Karadeniz Teknik Üniversitesi’nde görev yaparken, 2008’de FETÖ’cülerin hedefi haline geldiğini aktardı. Öyle ki FETÖ’nün yayın organlarının hedef göstermesi sonucu, gazeteci Hrant Dink’in katili olmakla itham edilip yuhalatılmış.
Kısa bir süre sonra da önce üniversiteden ücretsiz izne ayrılmış, ardından da 2010 yılında görevinden ayrılmak zorunda kalmış.
Hiçbir geliri olmadan ailesiyle ortada kalan Ovalı, bir süre sonra Ergenekon kapsamında gözaltına alınmış. Aleyhinde hiçbir delil olmadığı için 20 bin TL kefaletle serbest bırakılmış. Buna rağmen davanın sonucunda 6 yıl hapis cezası almaktan da kurtulamamış.
VATANSEVERLİĞİNİ GÖSTERİYOR
Görevini kaybederek, ailesiyle çektiği manevi eziyet yanında maddi olarak da zorluklar yaşamış Ovalı. Ama yine de mesleğine, ülkesine hizmet etmekten geri durmamış. Acıbadem grubunda görevini yapmaya devam etmiş. Koronavirüs salgını ortaya çıkınca da birçok bilim insanıyla birlikte o da kolları sıvamış. Çözüme yönelik önerilerini Sağlık Bakanlığı ile paylaşmış.
Dedim ya, o gerçek bir vatansever ve vatanseverliğini konuşarak değil, işini en iyi şekilde yaparak gösteriyor.
ÖNERİLERİ UYGULANIYOR
Ercüment Ovalı ile herkesin çok merak ettiği koronavirüsle mücadele konusundaki çalışmalarını konuştuk. 11 Mart’ta ilk vakanın tespit edilmesinden sonra Sağlık Bakanlığı’na beş öneri sunmuş ve bunların dördü tedavilerde kullanılıyor.

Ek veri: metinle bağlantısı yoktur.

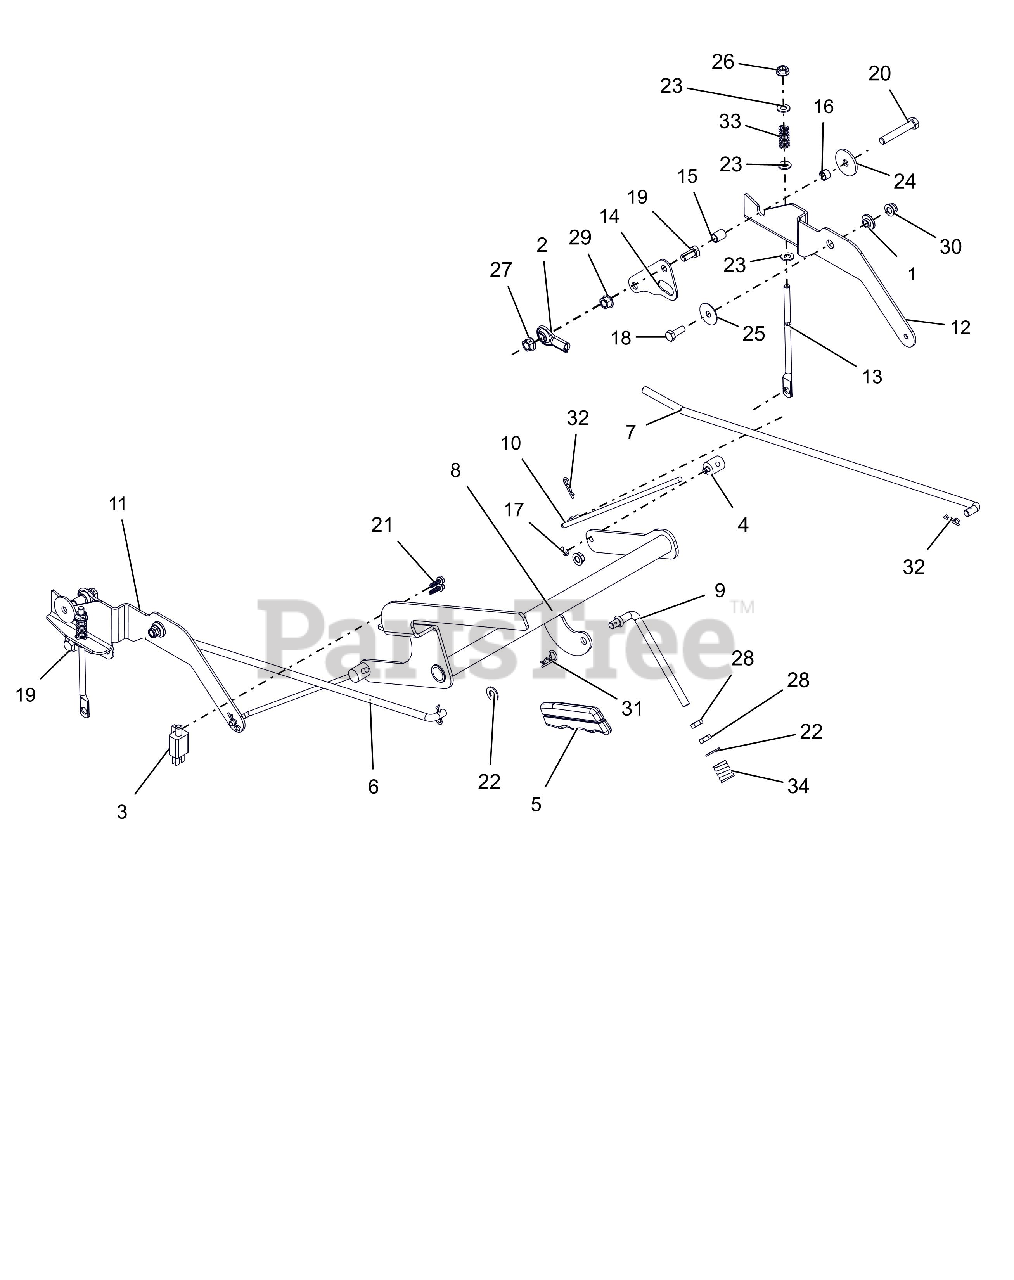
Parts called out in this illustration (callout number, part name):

O önerileri şunlar:
1 Kök hücrelerin COVID19 pnömonisinde kullanılması.
2 IL6 engelleyicisinin COVID19 tedavisinde yer alması.
3 Bağışıklık sistemi düşük olanlarda özel olarak virüse karşı üretilmiş T lenfositlerinin kullanılması.
4 Bağışık plazmalarının hızla devreye alınması.
5 Hızla önleyici aşının geliştirilmesi.
Plazmanın tedavide kullanılması yanında asıl önemli çalışmalarından biri de koronavirüse karşı önleyici aşının bulunması.
Ercüment Ovalı bu konuda oldukça mütevazı, “Sadece bir ay içinde tüm dünya çalışmalarımızla nereye vardığımızı 23 Nisan’da görecek” diyor.